Personal Injury Statutes of Limitations for All 50 States

  • Alabama: 2 years
  • Alaska: 2 years
  • Arizona: 2 years
  • Arkansas: 3 years
  • California: 2 years
  • Colorado: 2 years
  • Connecticut: 2 years
  • Delaware: 2 years
  • Florida: 4 years
  • Georgia: 2 years
  • Hawaii: 2 years
  • Idaho: 2 years
  • Illinois: 2 years
  • Indiana: 2 years
  • Iowa: 2 years
  • Kansas: 2 years
  • Kentucky: 1 year
  • Louisiana: 1 year
  • Maine: 6 years
  • Maryland: 3 years
  • Massachusetts: 3 years
  • Michigan: 3 years
  • Minnesota: 2 years
  • Mississippi: 3 years
  • Missouri: 5 years
  • Montana: 3 years
  • Nebraska: 4 years
  • Nevada: 2 years
  • New Hampshire: 3 years
  • New Jersey: 2 years
  • New Mexico: 3 years
  • New York: 3 years
  • North Carolina: 3 years
  • North Dakota: 6 years
  • Ohio: 2 years
  • Oklahoma: 2 years
  • Oregon: 2 years
  • Pennsylvania: 2 years
  • Rhode Island: 2 years
  • South Carolina: 3 years
  • South Dakota: 3 years
  • Tennessee: 1 year
  • Texas: 2 years
  • Utah: 4 years
  • Vermont: 3 years
  • Virginia: 2 years
  • Washington: 3 years
  • West Virginia: 2 years
  • Wisconsin: 3 years
  • Wyoming: 4 years

The above are general statutes of limitations each state implements for typical personal injury claims. Because each case is different and various circumstances may affect how long you have to file your personal injury claim, it is important to talk to your attorney about what applies to you.

Time Limit for Personal Injury Cases Against the Government

A different time limit applies when a personal injury case is filed against a government entity. Instead of the two-year statute of limitations that most states implement for personal injury cases, a person who files a case against the government may have as little as six months to file a notice of claim. This is not a lot of time at all, and missing that deadline could mean that the victim is unable to file suit at all. The time limit and other laws and procedures relating to cases against the government can be found in the Federal Tort Claims Act (FTCA).

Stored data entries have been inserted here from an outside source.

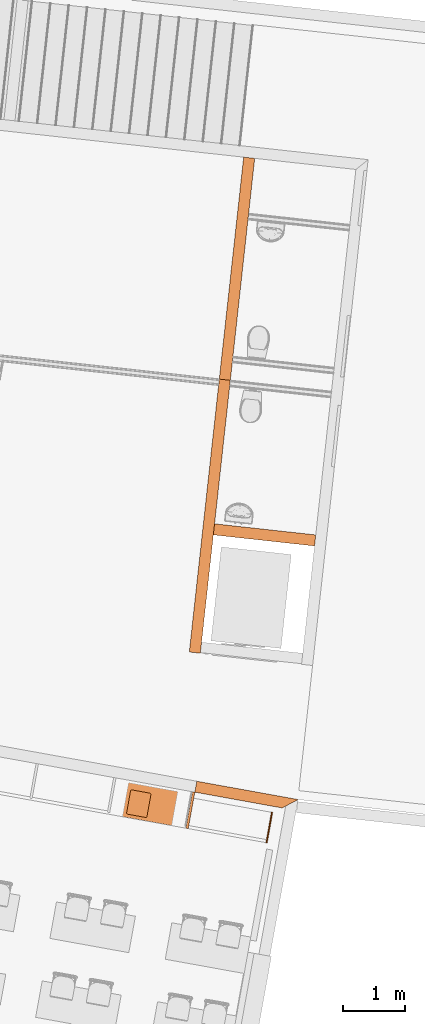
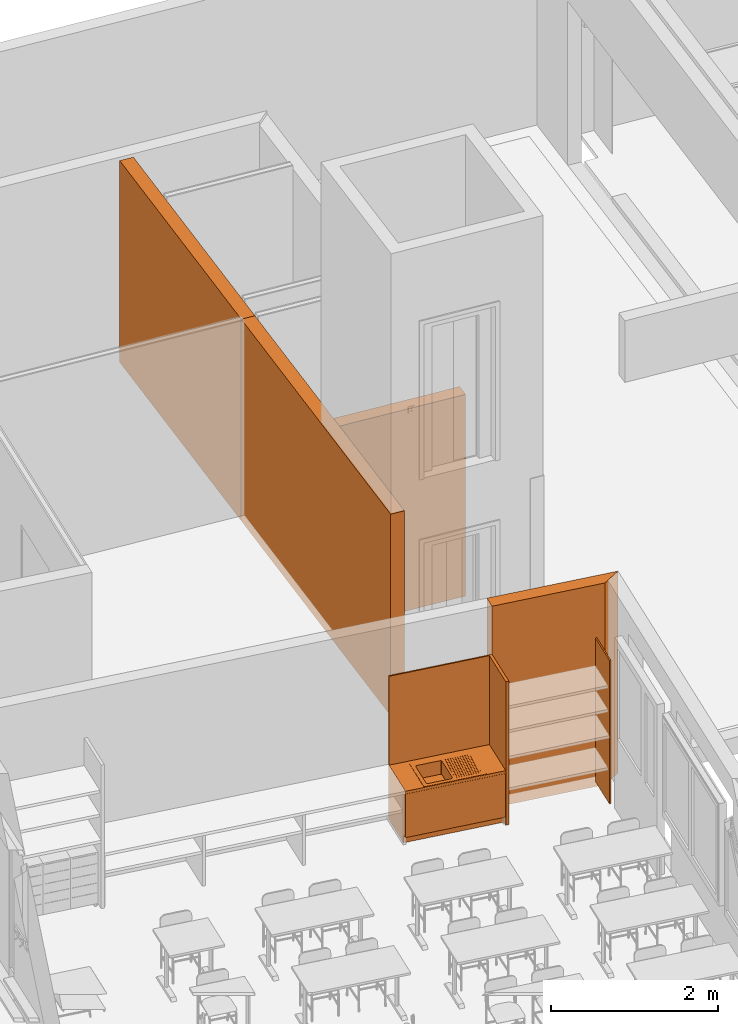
# One storey, part 49 of 79: 7 proxies.
"""IFC2X3 building model written with IfcOpenShell, lengths in metres."""

from ifc_helpers import new_model, entity, si_unit, converted_unit, derived_unit, money_unit, direction, frame, origin_with_axes, place, context, subcontext, project, spatial, polyline, outline, extrude, open_shell, faceted_brep, surface_model, source, transform, mapped, material, type_object, element, save


model = new_model("IFC2X3")

# Units and contexts
model_context = context("Model", 3, precision=1e-05, world=origin_with_axes(), true_north=direction((0.0, 1.0)))
body_context = subcontext(model_context, "Body", "Model", "MODEL_VIEW")
ifc_project = project(units=[si_unit("LENGTHUNIT", "METRE"), si_unit("AREAUNIT", "SQUARE_METRE"), si_unit("VOLUMEUNIT", "CUBIC_METRE"), converted_unit("PLANEANGLEUNIT", "DEGREE", entity("IfcPlaneAngleMeasure", 0.0174532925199), si_unit("PLANEANGLEUNIT", "RADIAN"), dimensions=[0, 0, 0, 0, 0, 0, 0]), money_unit("CHF"), converted_unit("TIMEUNIT", "Year", entity("IfcTimeMeasure", 31556926.0), si_unit("TIMEUNIT", "SECOND"), dimensions=[0, 0, 1, 0, 0, 0, 0]), si_unit("MASSUNIT", "GRAM", prefix="KILO"), si_unit("THERMODYNAMICTEMPERATUREUNIT", "DEGREE_CELSIUS"), si_unit("LUMINOUSINTENSITYUNIT", "LUMEN"), si_unit("ENERGYUNIT", "JOULE", prefix="MEGA"), derived_unit("THERMALCONDUCTANCEUNIT", [(si_unit("POWERUNIT", "WATT"), 1), (si_unit("LENGTHUNIT", "METRE"), -1), (si_unit("THERMODYNAMICTEMPERATUREUNIT", "KELVIN"), -1)]), derived_unit("SPECIFICHEATCAPACITYUNIT", [(si_unit("ENERGYUNIT", "JOULE"), 1), (si_unit("MASSUNIT", "GRAM", prefix="KILO"), -1), (si_unit("THERMODYNAMICTEMPERATUREUNIT", "KELVIN"), -1)]), derived_unit("MASSDENSITYUNIT", [(si_unit("MASSUNIT", "GRAM", prefix="KILO"), 1), (si_unit("VOLUMEUNIT", "CUBIC_METRE"), -1)])], contexts=[model_context])

# Site, building, storey
site_placement = place(None, frame((0.0, 0.0, 0.0), z_axis=(0.0, 0.0, 1.0), x_axis=(-0.177771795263, -0.984071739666, 0.0)))
site = spatial("IfcSite", under=ifc_project, at=site_placement, Name="Site", CompositionType="ELEMENT")
building_placement = place(site_placement, origin_with_axes())
building = spatial("IfcBuilding", under=site, at=building_placement, Name="Bâtiment", CompositionType="ELEMENT")
storey_placement = place(building_placement, origin_with_axes())
storey = spatial("IfcBuildingStorey", under=building, at=storey_placement, Name="RDC", CompositionType="ELEMENT", Elevation=0.0)

# Proxies
ifc_material_1 = material(Name="_BA banché RAL9007")
building_element_proxy_type_1 = type_object("IfcBuildingElementProxyType", Name="_BA banché RAL9007 180", PredefinedType="NOTDEFINED")
proxy_1_placement = place(storey_placement, frame((105.947008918, -150.23269007, -0.15), z_axis=(0.0, 0.0, 1.0), x_axis=(-0.0692627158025, 0.997598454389, 0.0)))
element("IfcBuildingElementProxy", 1, at=proxy_1_placement, inside=storey, type_object=building_element_proxy_type_1, material=ifc_material_1, Name="M refend", context=body_context, shape_type="SweptSolid", body=[
    extrude(outline(polyline([(0.0, 0.0), (1.6499974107, 0.0), (1.64999716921, 0.18), (0.0, 0.18), (0.0, 0.0)])), origin_with_axes(), (0.0, 0.0, 1.0), 2.95),
])
proxy_2_placement = place(storey_placement, frame((99.6425598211, -150.670404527, -0.15), z_axis=(0.0, 0.0, 1.0), x_axis=(0.997598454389, 0.0692627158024, 0.0)))
element("IfcBuildingElementProxy", 2, at=proxy_2_placement, inside=storey, type_object=building_element_proxy_type_1, material=ifc_material_1, Name="M refend", context=body_context, shape_type="SweptSolid", body=[
    extrude(outline(polyline([(0.179999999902, -0.18), (3.8, -0.18), (3.8, 0.0), (0.1799999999, 0.0), (0.179999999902, -0.18)])), origin_with_axes(), (0.0, 0.0, 1.0), 2.95),
])
proxy_3_placement = place(storey_placement, frame((103.433433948, -150.407206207, -0.15), z_axis=(0.0, 0.0, 1.0), x_axis=(0.997598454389, 0.0692627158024, 0.0)))
element("IfcBuildingElementProxy", 3, at=proxy_3_placement, inside=storey, type_object=building_element_proxy_type_1, material=ifc_material_1, Name="M refend", context=body_context, shape_type="SweptSolid", body=[
    extrude(outline(polyline([(0.0, -0.18), (4.44962596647, -0.18), (4.44962596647, 0.0), (0.0, 0.0), (0.0, -0.18)])), origin_with_axes(), (0.0, 0.0, 1.0), 2.95),
])
ifc_material_2 = material(Name="Matériau de construction IFC")
building_element_proxy_type_2 = type_object("IfcBuildingElementProxyType", Name="Elément simple avec deux portes 21", PredefinedType="NOTDEFINED")
shared_shape = source(origin_with_axes(), body_context, "Body", "SurfaceModel", [
    surface_model("IfcShellBasedSurfaceModel", [(0.5, 0.600000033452, 0.733), (0.496505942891, 0.600000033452, 0.733460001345), (0.496505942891, 0.620000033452, 0.733460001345), (0.5, 0.620000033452, 0.733), (0.49325, 0.600000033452, 0.734808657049), (0.49325, 0.620000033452, 0.734808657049), (0.503494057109, 0.600000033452, 0.733460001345), (0.503494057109, 0.620000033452, 0.733460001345), (0.490454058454, 0.600000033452, 0.736954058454), (0.490454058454, 0.620000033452, 0.736954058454), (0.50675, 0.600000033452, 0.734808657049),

What Happens If I Miss the Time Limit for My Personal Injury Case?

If you do not file a personal injury claim in time, you could lose your right to take legal action against the person or company that caused you harm. There are the exceptions we discussed above, however, such as an injury involving a minor or a condition that was discovered at a later time than when the negligent or wrongful act occurred. Even if you think you may have missed the time limit to file your case, you should still talk to an attorney to see if an exception may apply and how to proceed.

Ask an Attorney About the Time Limit for Your Personal Injury Case

Each state has its laws for statutes of limitation, so it would be best to defer to them when you wish to file a personal injury claim. In general though, sooner is always better than later. If you're unsure if you have a qualifying case or if your case meets the statute of limitations, speak with an attorney as soon as possible.